Abstract:The Reddit r/place experiments were a series of online social experiments hosted by Reddit in 2017, 2022, and 2023, where users were allowed to update the colors of pixels in a large shared canvas. The largest of these experiments (in 2022) has attracted over 100 million users who collaborated and competed to produce elaborate artworks that together provide a unique view of the shared interests connecting the diverse communities on Reddit. The user activity traces resulting from these experiments enable us to analyze how online users engage, collaborate, and compete online at an unprecedented scale. However, this requires labeling millions of updates made during the experiments according to their intended artwork.

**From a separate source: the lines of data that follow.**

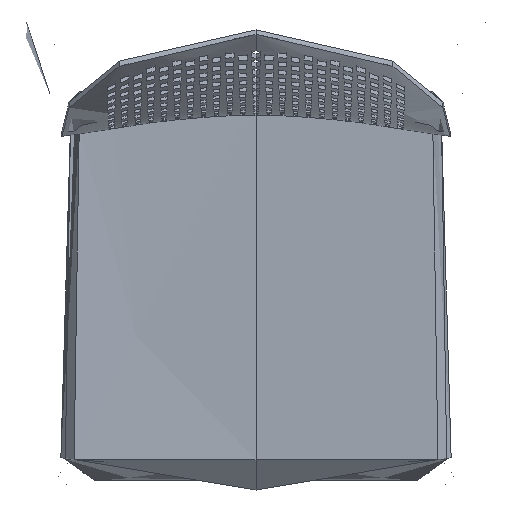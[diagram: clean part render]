
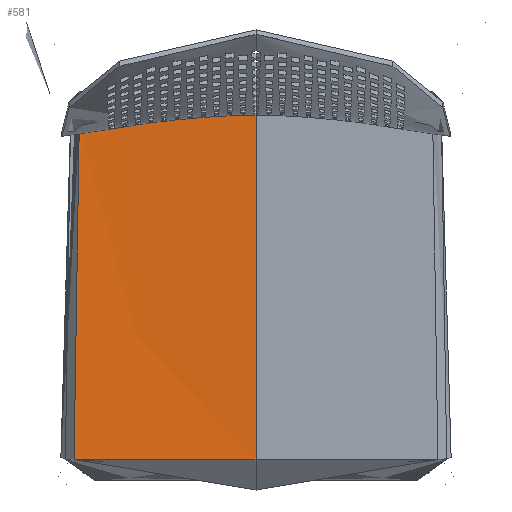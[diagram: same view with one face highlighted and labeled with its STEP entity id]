
A CAD part, top view. The second image highlights one B-rep face of the part: STEP entity #581.
In plain terms, the highlighted free-form (B-spline) face has degree [3, 3] with [4, 6] control points.
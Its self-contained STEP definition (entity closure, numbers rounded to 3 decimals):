
#581=ADVANCED_FACE('',(#1677),#20340,.T.);
#1677=FACE_OUTER_BOUND('',#2773,.T.);
#2773=EDGE_LOOP('',(#4433,#4434,#4435,#4436,#4437));
#4433=ORIENTED_EDGE('',*,*,#10804,.T.);
#4434=ORIENTED_EDGE('',*,*,#10792,.T.);
#4435=ORIENTED_EDGE('',*,*,#10793,.F.);
#4436=ORIENTED_EDGE('',*,*,#10803,.T.);
#4437=ORIENTED_EDGE('',*,*,#10811,.F.);
#10792=EDGE_CURVE('',#17228,#17230,#14114,.T.);
#10793=EDGE_CURVE('',#17229,#17230,#14115,.T.);
#10803=EDGE_CURVE('',#17229,#17236,#14125,.T.);
#10804=EDGE_CURVE('',#17238,#17228,#14126,.T.);
#10811=EDGE_CURVE('',#17238,#17236,#13948,.T.);
#13948=(
BOUNDED_CURVE()
B_SPLINE_CURVE(3,(#25724,#25725,#25726,#25727,#25728,#25729,#25730,#25731,
#25732,#25733,#25734,#25735,#25736,#25737,#25738,#25739,#25740,#25741,#25742,
#25743),.UNSPECIFIED.,.F.,.F.)
B_SPLINE_CURVE_WITH_KNOTS((4,3,3,1,1,1,1,1,1,1,3,4),(-0.392,
-0.39,6.301,10.816,15.904,21.689,
28.102,34.77,41.018,46.433,51.07,
56.446),.UNSPECIFIED.)
CURVE()
GEOMETRIC_REPRESENTATION_ITEM()
RATIONAL_B_SPLINE_CURVE((1.,1.,1.,1.,1.,1.,1.,1.,1.,1.,1.,
1.,1.,1.,1.,1.,1.,1.,1.,1.))
REPRESENTATION_ITEM('')
);
#14114=B_SPLINE_CURVE_WITH_KNOTS('',3,(#25488,#25489,#25490,#25491),
 .UNSPECIFIED.,.F.,.F.,(4,4),(0.,208.2),.UNSPECIFIED.);
#14115=B_SPLINE_CURVE_WITH_KNOTS('',3,(#25492,#25493,#25494,#25495,#25496,
#25497),.UNSPECIFIED.,.F.,.F.,(4,1,1,4),(-469.281,-336.575,
-192.091,-47.607),.UNSPECIFIED.);
#14125=B_SPLINE_CURVE_WITH_KNOTS('',3,(#25637,#25638,#25639,#25640),
 .UNSPECIFIED.,.F.,.F.,(4,4),(0.,169.177),.UNSPECIFIED.);
#14126=B_SPLINE_CURVE_WITH_KNOTS('',3,(#25641,#25642,#25643,#25644,#25645),
 .UNSPECIFIED.,.F.,.F.,(4,1,4),(235.672,614.063,616.504),
 .UNSPECIFIED.);
#17228=VERTEX_POINT('',#25458);
#17229=VERTEX_POINT('',#25459);
#17230=VERTEX_POINT('',#25460);
#17236=VERTEX_POINT('',#25466);
#17238=VERTEX_POINT('',#25468);
#20340=B_SPLINE_SURFACE_WITH_KNOTS('',3,3,((#23464,#23465,#23466,#23467,
#23468,#23469),(#23470,#23471,#23472,#23473,#23474,#23475),(#23476,#23477,
#23478,#23479,#23480,#23481),(#23482,#23483,#23484,#23485,#23486,#23487)),
 .UNSPECIFIED.,.F.,.F.,.F.,(4,4),(4,1,1,4),(0.,208.2),(47.607,
192.091,336.575,469.281),.UNSPECIFIED.);
#23464=CARTESIAN_POINT('',(-207.61,-201.221,766.733));
#23465=CARTESIAN_POINT('',(-206.89,-154.73,767.));
#23466=CARTESIAN_POINT('',(-205.45,-61.748,767.535));
#23467=CARTESIAN_POINT('',(-203.349,73.935,768.314));
#23468=CARTESIAN_POINT('',(-201.968,163.127,768.827));
#23469=CARTESIAN_POINT('',(-201.307,205.828,769.072));
#23470=CARTESIAN_POINT('',(-138.406,-201.177,764.734));
#23471=CARTESIAN_POINT('',(-137.927,-164.801,764.943));
#23472=CARTESIAN_POINT('',(-136.967,-58.318,757.851));
#23473=CARTESIAN_POINT('',(-135.566,86.936,759.161));
#23474=CARTESIAN_POINT('',(-134.645,173.218,763.778));
#23475=CARTESIAN_POINT('',(-134.204,212.578,765.933));
#23476=CARTESIAN_POINT('',(-69.203,-201.154,763.734));
#23477=CARTESIAN_POINT('',(-68.963,-169.836,763.914));
#23478=CARTESIAN_POINT('',(-68.483,-56.604,753.009));
#23479=CARTESIAN_POINT('',(-67.783,93.436,754.584));
#23480=CARTESIAN_POINT('',(-67.323,178.264,761.253));
#23481=CARTESIAN_POINT('',(-67.102,215.953,764.363));
#23482=CARTESIAN_POINT('',(0.,-201.154,763.734));
#23483=CARTESIAN_POINT('',(0.,-169.836,763.914));
#23484=CARTESIAN_POINT('',(0.,-56.604,753.009));
#23485=CARTESIAN_POINT('',(0.,93.436,754.584));
#23486=CARTESIAN_POINT('',(0.,178.264,761.253));
#23487=CARTESIAN_POINT('',(0.,215.953,764.363));
#25458=CARTESIAN_POINT('',(-207.61,-201.221,766.733));
#25459=CARTESIAN_POINT('',(0.,215.953,764.363));
#25460=CARTESIAN_POINT('',(0.,-201.154,763.734));
#25466=CARTESIAN_POINT('',(-166.693,209.011,767.592));
#25468=CARTESIAN_POINT('',(-201.765,176.397,768.904));
#25488=CARTESIAN_POINT('',(-207.61,-201.221,766.733));
#25489=CARTESIAN_POINT('',(-138.406,-201.177,764.734));
#25490=CARTESIAN_POINT('',(-69.203,-201.154,763.734));
#25491=CARTESIAN_POINT('',(0.,-201.154,763.734));
#25492=CARTESIAN_POINT('',(0.,215.953,764.363));
#25493=CARTESIAN_POINT('',(0.,178.264,761.253));
#25494=CARTESIAN_POINT('',(0.,93.436,754.584));
#25495=CARTESIAN_POINT('',(0.,-56.604,753.009));
#25496=CARTESIAN_POINT('',(0.,-169.836,763.914));
#25497=CARTESIAN_POINT('',(0.,-201.154,763.734));
#25637=CARTESIAN_POINT('',(0.,215.953,764.363));
#25638=CARTESIAN_POINT('',(-55.652,215.954,764.363));
#25639=CARTESIAN_POINT('',(-111.239,213.627,765.444));
#25640=CARTESIAN_POINT('',(-166.693,209.011,767.592));
#25641=CARTESIAN_POINT('',(-201.765,176.397,768.904));
#25642=CARTESIAN_POINT('',(-203.697,51.302,768.188));
#25643=CARTESIAN_POINT('',(-205.651,-74.693,767.447));
#25644=CARTESIAN_POINT('',(-207.595,-200.207,766.758));
#25645=CARTESIAN_POINT('',(-207.61,-201.221,766.733));
#25724=CARTESIAN_POINT('',(-201.765,176.397,768.904));
#25725=CARTESIAN_POINT('',(-201.764,176.397,768.904));
#25726=CARTESIAN_POINT('',(-201.763,176.397,768.904));
#25727=CARTESIAN_POINT('',(-201.762,176.397,768.904));
#25728=CARTESIAN_POINT('',(-199.541,176.439,768.755));
#25729=CARTESIAN_POINT('',(-197.319,176.494,768.607));
#25730=CARTESIAN_POINT('',(-195.1,176.603,768.463));
#25731=CARTESIAN_POINT('',(-193.602,176.678,768.365));
#25732=CARTESIAN_POINT('',(-190.422,176.899,768.159));
#25733=CARTESIAN_POINT('',(-185.365,177.674,767.847));
#25734=CARTESIAN_POINT('',(-179.891,179.466,767.538));
#25735=CARTESIAN_POINT('',(-174.545,182.829,767.292));
#25736=CARTESIAN_POINT('',(-170.339,187.771,767.18));
#25737=CARTESIAN_POINT('',(-167.892,193.408,767.207));
#25738=CARTESIAN_POINT('',(-166.881,198.756,767.309));
#25739=CARTESIAN_POINT('',(-166.675,202.099,767.395));
#25740=CARTESIAN_POINT('',(-166.633,203.643,767.437));
#25741=CARTESIAN_POINT('',(-166.59,205.432,767.486));
#25742=CARTESIAN_POINT('',(-166.606,207.224,767.538));
#25743=CARTESIAN_POINT('',(-166.693,209.011,767.592));

This paper characterizes large-scale activity traces from r/place with a focus on dynamics around successful and failed artworks. To achieve this goal, we propose a dynamic graph clustering algorithm to label artworks by leveraging visual and user-level features. %In the first phase of the algorithm, updates within a snapshot of the experiment are grouped based on proximity, color, and user embeddings. In the second phase, clusters across snapshots are merged via an efficient approximation for the set cover problem. We apply the proposed algorithm to the 2017 edition of r/place and show that it outperforms an existing baseline in terms of accuracy and running time. Moreover, we use our algorithm to identify key factors that distinguish successful from failed artworks in terms of user engagement, collaboration, and competition.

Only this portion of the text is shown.